The torque you've calculated is in foot pounds. The easy way to see this is that the 33,000 conversion factor you've used converts horsepower to foot pounds min$^{-1}$, and the rpm is in units of min$^{-1}$. The min$^{-1}$ on the top and bottom of the fraction cancel leaving the units as foot pounds.
In the second equation you've put in the distance as inches, which makes life harder than it need be. If you take the wheel radius to be one foot rather than 12 inches you get the force equal to 682.77 pounds.
For the last step you need to be aware that the "pound" is being used as a unit of force here i.e. it's the force exerted by an object weighing one pound in Earth's gravity.

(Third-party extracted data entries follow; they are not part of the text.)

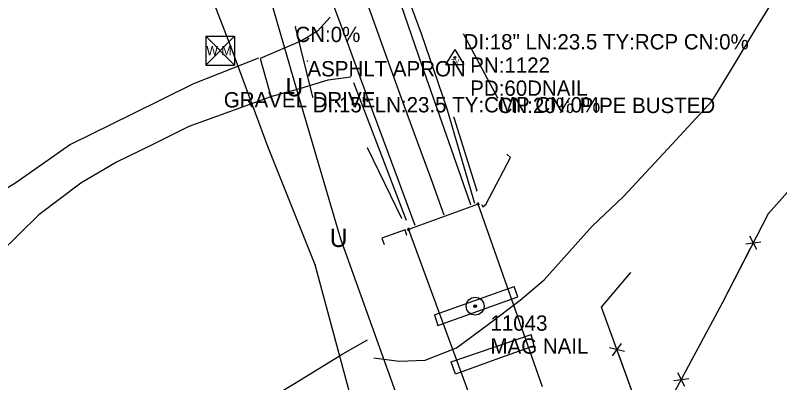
# Model space of a CAD drawing. Extents: x 1050807 to 1053552, y 395828 to 398415.
# Drawn here: x 1052065.9 to 1052315.2, y 397403.1 to 397522.9 of the extents above; entities that cross this region are included whole.
import ezdxf

# ---------------------------------------------------------------- set-up
doc = ezdxf.new("R2010")
doc.units = 0
for name, color, linetype in [('Default', 7, 'Continuous'), ('S_BRIDGE', 7, 'Continuous'), ('S_CROSS_DRAIN', 7, 'Continuous'), ('S_CROSS_DRAIN_ANNOT', 7, 'Continuous'), ('S_DITCHLINE', 7, 'Continuous'), ('S_DRG_PT_SYM', 7, 'Continuous'), ('S_DRIVEWAY', 7, 'Continuous'), ('S_EDGE_CONCRETE', 7, 'Continuous'), ('S_EDGE_PAVEMENT', 7, 'Continuous'), ('S_FENCE', 7, 'Continuous'), ('S_GUARDRAIL', 7, 'Continuous'), ('S_IRON_PIN', 7, 'Continuous'), ('S_IRON_PIN_ANNOT', 7, 'Continuous'), ('S_MSC_PT_SYM', 7, 'Continuous'), ('S_PAVEMENT_CROWN', 7, 'Continuous'), ('S_RDW_PT_SYM', 7, 'Continuous'), ('S_SECONDARY_CTL', 7, 'Continuous'), ('S_SECONDARY_CTL_ANNOT', 7, 'Continuous'), ('S_SHOULDER', 7, 'Continuous'), ('S_STR_PT_SYM', 7, 'Continuous'), ('S_SURVEY_TEXT_ANNOT', 7, 'Continuous'), ('S_UNDERGROUND_CABLE', 7, 'Continuous'), ('S_UTL_PT_SYM', 7, 'Continuous'), ('S_WATER_UTILITIES', 7, 'Continuous')]:
    doc.layers.add(name, color=color, linetype=linetype)

msp = doc.modelspace()

# ---------------------------------------------------------------- linework, layer by layer
at = {"layer": 'Default'}
for p, q in [((1052202.62, 397425.23), (1052228.58, 397434.44)), ((1052235.15, 397415.12), (1052234.13, 397418.85))]:
    msp.add_line(p, q, dxfattribs=at)
at = {"layer": 'S_BRIDGE'}
for p, q in [((1052216.82, 397461.36), (1052194.17, 397453.08)), ((1052237.9, 397401.73), (1052216.82, 397461.36)), ((1052194.17, 397453.08), (1052216.01, 397393.51))]:
    msp.add_line(p, q, dxfattribs=at)
at = {"layer": 'S_CROSS_DRAIN'}
for p, q in [((1052162.91, 397496.25), (1052157.24, 397519.19)), ((1052212.1, 397516.79), (1052223.22, 397496.03))]:
    msp.add_line(p, q, dxfattribs=at)
at = {"layer": 'S_DITCHLINE'}
for points in [[(1052182.87, 397411.17), (1052191.13, 397410.06), (1052199.54, 397410.4), (1052209.84, 397414.42), (1052220.22, 397422.2), (1052230.61, 397429.99), (1052238.34, 397436.67), (1052254.08, 397454.11), (1052264.3, 397463.78), (1052278.77, 397479.4), (1052293.24, 397495.01), (1052300.36, 397506.76), (1052307.49, 397518.52), (1052314.61, 397530.28), (1052321.73, 397542.03)], [(1051923.97, 397264.82), (1051934.15, 397286.32), (1051944.33, 397307.83), (1051958.22, 397321.57), (1051972.1, 397335.31), (1051985.98, 397349.06), (1051999.87, 397362.8), (1052014.51, 397368.54), (1052029.14, 397374.28), (1052043.96, 397375.01), (1052058.77, 397375.75), (1052082, 397374.5), (1052105.23, 397373.25), (1052125.17, 397384.42), (1052145.11, 397395.59), (1052158.93, 397404.03), (1052172.75, 397412.47), (1052180.81, 397417.01)]]:
    msp.add_lwpolyline(points, dxfattribs=at)
at = {"layer": 'S_DRG_PT_SYM'}
for points in [[(1052157.24, 397519.19), (1052157.24, 397519.24), (1052157.24, 397519.19), (1052157.19, 397519.19), (1052157.24, 397519.19), (1052157.24, 397519.14), (1052157.24, 397519.19), (1052157.29, 397519.19)], [(1052212.1, 397516.79), (1052212.1, 397516.84), (1052212.1, 397516.79), (1052212.05, 397516.79), (1052212.1, 397516.79), (1052212.1, 397516.74), (1052212.1, 397516.79), (1052212.15, 397516.79)], [(1052162.91, 397496.25), (1052162.91, 397496.3), (1052162.91, 397496.25), (1052162.86, 397496.25), (1052162.91, 397496.25), (1052162.91, 397496.2), (1052162.91, 397496.25), (1052162.96, 397496.25)], [(1052223.22, 397496.03), (1052223.22, 397496.08), (1052223.22, 397496.03), (1052223.17, 397496.03), (1052223.22, 397496.03), (1052223.22, 397495.98), (1052223.22, 397496.03), (1052223.27, 397496.03)]]:
    msp.add_lwpolyline(points, dxfattribs=at)
at = {"layer": 'S_DRIVEWAY'}
for points in [[(1052145.24, 397508.93), (1052124, 397500.53), (1052103.96, 397490.66), (1052083.92, 397480.8), (1052066, 397468.26), (1052052.01, 397459.72), (1052047.34, 397459.64)], [(1052148.91, 397496.27), (1052135.7, 397491.43), (1052122.5, 397486.6), (1052110.72, 397480.8), (1052098.93, 397475), (1052087.27, 397468.16), (1052073.58, 397457.8), (1052060.55, 397445.18), (1052054.3, 397439.83)]]:
    msp.add_lwpolyline(points, dxfattribs=at)
at = {"layer": 'S_EDGE_CONCRETE'}
for points in [[(1052218.09, 397461.22), (1052218.34, 397460.43), (1052219.31, 397461.19), (1052227.36, 397476.55), (1052226.23, 397477.62)], [(1052193.61, 397451.07), (1052193.09, 397452.98), (1052185.49, 397450.26), (1052186.25, 397448.12)], [(1052202.62, 397425.23), (1052203.71, 397421.69), (1052216.75, 397426.38), (1052229.79, 397431.06), (1052228.58, 397434.44)], [(1052235.15, 397415.12), (1052222.29, 397410.49), (1052209.44, 397405.87), (1052208.01, 397409.83), (1052221.07, 397414.34), (1052234.13, 397418.85)]]:
    msp.add_lwpolyline(points, dxfattribs=at)
at = {"layer": 'S_EDGE_PAVEMENT'}
for points in [[(1052214.47, 397461.1), (1052206.55, 397483.78), (1052198.62, 397506.45), (1052191.75, 397526.31), (1052184.88, 397546.16), (1052177.39, 397567.38), (1052169.89, 397588.61), (1052165.61, 397600.65), (1052161.33, 397612.68), (1052157.05, 397624.72), (1052152.78, 397636.76), (1052148.47, 397648.84), (1052144.17, 397660.93), (1052139.87, 397673.02), (1052135.57, 397685.11), (1052127.35, 397708.02), (1052119.13, 397730.93), (1052110.86, 397754.03), (1052102.59, 397777.13), (1052095.71, 397795.99), (1052088.82, 397814.85)], [(1052196.26, 397454.39), (1052187.61, 397477.79), (1052178.96, 397501.18), (1052174.52, 397513.15), (1052170.08, 397525.12), (1052165.65, 397537.09), (1052161.21, 397549.06), (1052156.87, 397561), (1052152.53, 397572.94), (1052148.19, 397584.89), (1052143.85, 397596.83), (1052135.54, 397619.78), (1052127.24, 397642.73), (1052119.19, 397665.09), (1052111.15, 397687.46), (1052106.97, 397699.31), (1052102.79, 397711.16), (1052098.61, 397723.02), (1052094.43, 397734.87), (1052086.32, 397757.66), (1052078.21, 397780.45), (1052073.59, 397792.48), (1052068.98, 397804.51)], [(1052168.53, 397522.36), (1052164.47, 397517.71), (1052159.21, 397514.6), (1052145.73, 397508.85), (1052149.2, 397496.41), (1052158.69, 397499.04), (1052167.88, 397501.87), (1052175.28, 397502.81)]]:
    msp.add_lwpolyline(points, dxfattribs=at)
at = {"layer": 'S_FENCE'}
for p, q in [((1052311.53, 397458.24), (1052346.09, 397497.15)), ((1052296.55, 397429.15), (1052311.53, 397458.24)), ((1052307.79, 397446.49), (1052305.46, 397450.91)), ((1052307.79, 397446.49), (1052305.46, 397450.91)), ((1052304.14, 397448.36), (1052309.1, 397449.03)), ((1052304.14, 397448.36), (1052309.1, 397449.03)), ((1052257.06, 397427.76), (1052266.57, 397438.95)), ((1052272.73, 397384.71), (1052296.55, 397429.15)), ((1052269.65, 397393.29), (1052257.06, 397427.76)), ((1052260.7, 397411.82), (1052263.57, 397415.9)), ((1052260.7, 397411.82), (1052263.57, 397415.9)), ((1052264.55, 397413.22), (1052259.72, 397414.5)), ((1052264.55, 397413.22), (1052259.72, 397414.5)), ((1052284.25, 397401.87), (1052282, 397406.33)), ((1052284.25, 397401.87), (1052282, 397406.33)), ((1052280.64, 397403.8), (1052285.61, 397404.4)), ((1052280.64, 397403.8), (1052285.61, 397404.4))]:
    msp.add_line(p, q, dxfattribs=at)
for points in [[(1052311.53, 397458.24), (1052324.82, 397473.19)], [(1052311.53, 397458.24), (1052324.82, 397473.19)], [(1052307.54, 397450.47), (1052311.53, 397458.24)], [(1052307.54, 397450.47), (1052311.53, 397458.24)], [(1052296.55, 397429.15), (1052305.71, 397446.92)], [(1052296.55, 397429.15), (1052305.71, 397446.92)], [(1052257.06, 397427.76), (1052266.57, 397438.95)], [(1052257.06, 397427.76), (1052266.57, 397438.95)], [(1052284.07, 397405.86), (1052296.55, 397429.15)], [(1052284.07, 397405.86), (1052296.55, 397429.15)], [(1052261.45, 397415.73), (1052257.06, 397427.76)], [(1052261.45, 397415.73), (1052257.06, 397427.76)], [(1052269.65, 397393.29), (1052262.82, 397411.99)], [(1052269.65, 397393.29), (1052262.82, 397411.99)]]:
    msp.add_lwpolyline(points, dxfattribs=at)
at = {"layer": 'S_GUARDRAIL'}
for p, q in [((1052208.92, 397489.59), (1052216.41, 397465.67)), ((1052191.96, 397456.64), (1052180.8, 397479.67))]:
    msp.add_line(p, q, dxfattribs=at)
at = {"layer": 'S_IRON_PIN'}
for radius in [2.91, 0.411, 0.262, 0.212, 0.145, 0.0822, 0.0581]:
    msp.add_circle((1052215.88, 397428.03), radius, dxfattribs=at)
at = {"layer": 'S_MSC_PT_SYM'}
for points in [[(1052161.18, 397507.99), (1052161.18, 397508.04), (1052161.18, 397507.99), (1052161.13, 397507.99), (1052161.18, 397507.99), (1052161.18, 397507.94), (1052161.18, 397507.99), (1052161.23, 397507.99)], [(1052133.89, 397497.85), (1052133.89, 397497.9), (1052133.89, 397497.85), (1052133.84, 397497.85), (1052133.89, 397497.85), (1052133.89, 397497.8), (1052133.89, 397497.85), (1052133.94, 397497.85)], [(1052311.53, 397458.24), (1052311.53, 397458.29), (1052311.53, 397458.24), (1052311.48, 397458.24), (1052311.53, 397458.24), (1052311.53, 397458.19), (1052311.53, 397458.24), (1052311.58, 397458.24)], [(1052266.57, 397438.95), (1052266.57, 397439), (1052266.57, 397438.95), (1052266.52, 397438.95), (1052266.57, 397438.95), (1052266.57, 397438.9), (1052266.57, 397438.95), (1052266.62, 397438.95)], [(1052296.55, 397429.15), (1052296.55, 397429.2), (1052296.55, 397429.15), (1052296.5, 397429.15), (1052296.55, 397429.15), (1052296.55, 397429.1), (1052296.55, 397429.15), (1052296.6, 397429.15)], [(1052257.06, 397427.76), (1052257.06, 397427.81), (1052257.06, 397427.76), (1052257.01, 397427.76), (1052257.06, 397427.76), (1052257.06, 397427.71), (1052257.06, 397427.76), (1052257.11, 397427.76)]]:
    msp.add_lwpolyline(points, dxfattribs=at)
at = {"layer": 'S_PAVEMENT_CROWN'}
msp.add_lwpolyline([(1052205.81, 397457.74), (1052201.49, 397469.54), (1052197.18, 397481.35), (1052192.86, 397493.15), (1052188.55, 397504.96), (1052180.47, 397527.64), (1052172.39, 397550.33), (1052164.11, 397573.46), (1052155.84, 397596.59), (1052149.3, 397615.07), (1052142.77, 397633.56), (1052138.44, 397645.49), (1052134.12, 397657.43), (1052129.8, 397669.37), (1052125.47, 397681.31), (1052121.16, 397693.43), (1052116.84, 397705.56), (1052112.53, 397717.68), (1052108.21, 397729.81), (1052100.29, 397752.14), (1052092.37, 397774.47), (1052083.81, 397797.39), (1052075.25, 397820.32)], dxfattribs=at)
at = {"layer": 'S_RDW_PT_SYM'}
for points in [[(1052208.92, 397489.59), (1052208.92, 397489.64), (1052208.92, 397489.59), (1052208.87, 397489.59), (1052208.92, 397489.59), (1052208.92, 397489.54), (1052208.92, 397489.59), (1052208.97, 397489.59)], [(1052180.8, 397479.67), (1052180.8, 397479.72), (1052180.8, 397479.67), (1052180.75, 397479.67), (1052180.8, 397479.67), (1052180.8, 397479.62), (1052180.8, 397479.67), (1052180.85, 397479.67)], [(1052216.41, 397465.67), (1052216.41, 397465.72), (1052216.41, 397465.67), (1052216.36, 397465.67), (1052216.41, 397465.67), (1052216.41, 397465.62), (1052216.41, 397465.67), (1052216.46, 397465.67)], [(1052191.96, 397456.64), (1052191.96, 397456.69), (1052191.96, 397456.64), (1052191.91, 397456.64), (1052191.96, 397456.64), (1052191.96, 397456.59), (1052191.96, 397456.64), (1052192.01, 397456.64)]]:
    msp.add_lwpolyline(points, dxfattribs=at)
at = {"layer": 'S_SECONDARY_CTL'}
for p, q in [((1052209.27, 397511.77), (1052206.26, 397506.82)), ((1052209.27, 397511.77), (1052212.22, 397506.82)), ((1052206.26, 397506.82), (1052212.22, 397506.82))]:
    msp.add_line(p, q, dxfattribs=at)
for radius in [0.311, 0.183, 0.103]:
    msp.add_circle((1052209.27, 397509.16), radius, dxfattribs=at)
at = {"layer": 'S_SHOULDER'}
for points in [[(1052215.81, 397461.5), (1052211.2, 397477.1), (1052206.6, 397492.7), (1052202.49, 397504.78), (1052198.38, 397516.87), (1052193.22, 397530.8), (1052188.06, 397544.72), (1052180.04, 397566.9), (1052172.01, 397589.08), (1052167.73, 397601.15), (1052163.45, 397613.21), (1052159.17, 397625.28), (1052154.9, 397637.34), (1052146.66, 397660.22), (1052138.43, 397683.1), (1052131.84, 397701.67)], [(1052193.51, 397455.96), (1052184.88, 397478.45), (1052176.26, 397500.94)]]:
    msp.add_lwpolyline(points, dxfattribs=at)
at = {"layer": 'S_STR_PT_SYM'}
for points in [[(1052216.82, 397461.36), (1052216.82, 397461.86), (1052216.82, 397461.36), (1052216.32, 397461.36), (1052216.82, 397461.36), (1052216.82, 397460.86), (1052216.82, 397461.36), (1052217.32, 397461.36)], [(1052194.17, 397453.08), (1052194.17, 397453.58), (1052194.17, 397453.08), (1052193.67, 397453.08), (1052194.17, 397453.08), (1052194.17, 397452.58), (1052194.17, 397453.08), (1052194.67, 397453.08)]]:
    msp.add_lwpolyline(points, dxfattribs=at)
at = {"layer": 'S_UNDERGROUND_CABLE'}
for p, q in [((1052157.64, 397499.02), (1052149.33, 397527.56)), ((1052172.07, 397449.89), (1052157.64, 397499.02)), ((1052194.51, 397387.53), (1052172.07, 397449.89))]:
    msp.add_line(p, q, dxfattribs=at)
at = {"layer": 'S_UTL_PT_SYM'}
for points in [[(1052136.18, 397512.78), (1052136.18, 397512.83), (1052136.18, 397512.78), (1052136.13, 397512.78), (1052136.18, 397512.78), (1052136.18, 397512.73), (1052136.18, 397512.78), (1052136.23, 397512.78)], [(1052148.28, 397480.11), (1052148.28, 397480.16), (1052148.28, 397480.11), (1052148.23, 397480.11), (1052148.28, 397480.11), (1052148.28, 397480.06), (1052148.28, 397480.11), (1052148.33, 397480.11)], [(1052163.71, 397441.57), (1052163.71, 397441.62), (1052163.71, 397441.57), (1052163.66, 397441.57), (1052163.71, 397441.57), (1052163.71, 397441.52), (1052163.71, 397441.57), (1052163.76, 397441.57)]]:
    msp.add_lwpolyline(points, dxfattribs=at)
at = {"layer": 'S_WATER_UTILITIES'}
for p, q in [((1052136.18, 397512.78), (1052119.03, 397556.83)), ((1052128, 397516.13), (1052137.34, 397516.13)), ((1052128, 397516.13), (1052128, 397506.64)), ((1052128, 397516.13), (1052137.34, 397506.64)), ((1052137.34, 397516.13), (1052128, 397506.64)), ((1052137.34, 397516.13), (1052137.34, 397506.64)), ((1052148.28, 397480.11), (1052136.18, 397512.78)), ((1052128, 397506.64), (1052137.34, 397506.64)), ((1052163.71, 397441.57), (1052148.28, 397480.11)), ((1052176.5, 397394.27), (1052163.71, 397441.57))]:
    msp.add_line(p, q, dxfattribs=at)

# ---------------------------------------------------------------- texts
at = {"layer": 'Default'}
for p in [(1052154.01, 397496.48), (1052168.44, 397447.35)]:
    msp.add_text('U', height=6, dxfattribs=at).set_placement(p)
at = {"layer": 'S_CROSS_DRAIN_ANNOT'}
for s, p in [('CN:0%', (1052157.24, 397514.19)), ('DI:18" LN:23.5 TY:RCP CN:0%', (1052212.1, 397511.79)), ('DI:15" LN:23.5 TY:CMP CN:0%', (1052162.91, 397491.25)), ('CN:20% PIPE BUSTED', (1052223.22, 397491.03))]:
    msp.add_text(s, height=5, dxfattribs=at).set_placement(p)
at = {"layer": 'S_IRON_PIN_ANNOT'}
for s, p in [('11043', (1052220.88, 397420.03)), ('MAG NAIL', (1052220.88, 397412.53))]:
    msp.add_text(s, height=5, dxfattribs=at).set_placement(p)
at = {"layer": 'S_SECONDARY_CTL'}
msp.add_text('TV', height=1.5, dxfattribs=at).set_placement((1052208.07, 397507.15))
at = {"layer": 'S_SECONDARY_CTL_ANNOT'}
for s, p in [('PN:1122', (1052214.27, 397504.16)), ('PD:60DNAIL', (1052214.27, 397496.66))]:
    msp.add_text(s, height=5, dxfattribs=at).set_placement(p)
at = {"layer": 'S_SURVEY_TEXT_ANNOT'}
for s, p in [('ASPHLT APRON', (1052161.18, 397502.99)), ('GRAVEL DRIVE', (1052133.89, 397492.85))]:
    msp.add_text(s, height=5, dxfattribs=at).set_placement(p)
at = {"layer": 'S_WATER_UTILITIES'}
msp.add_text('W M', height=3, dxfattribs=at).set_placement((1052128.21, 397509.9))

doc.saveas('drawing.dxf')

In units of feet per second the acceleration due to gravity is about 32.18 feel/sec$^2$, so the acceleration of an object weighing 2712 pounds will be:
$$a = \frac{682.77}{2712} \times 32.18 = 8.09$$
and that's in units of feet/sec$^2$.
Maybe I'm just used to SI units, but I repeated the calculation using SI units and got the same result a lot quicker! Apart from anything else it makes the distinction between mass and force a lot clearer so you wouldn't have forgotten you need to multiply by the acceleration due to gravity to get the acceleration.
You're quite correct that if power is constant then torque is inversely proportional to rpm. However for most engines the power is roughly proportional to engine speed over a reasonable range, so the torque is approximately constant. If you look at the torque curves for family cars you'll see the torque is roughly constant in the middle of the engine speed range but tails off at high engine speeds. Very highly tuned engines have a torque that peask at higher engine speeds because they're tuned to develop a lot of power at high engine speeds.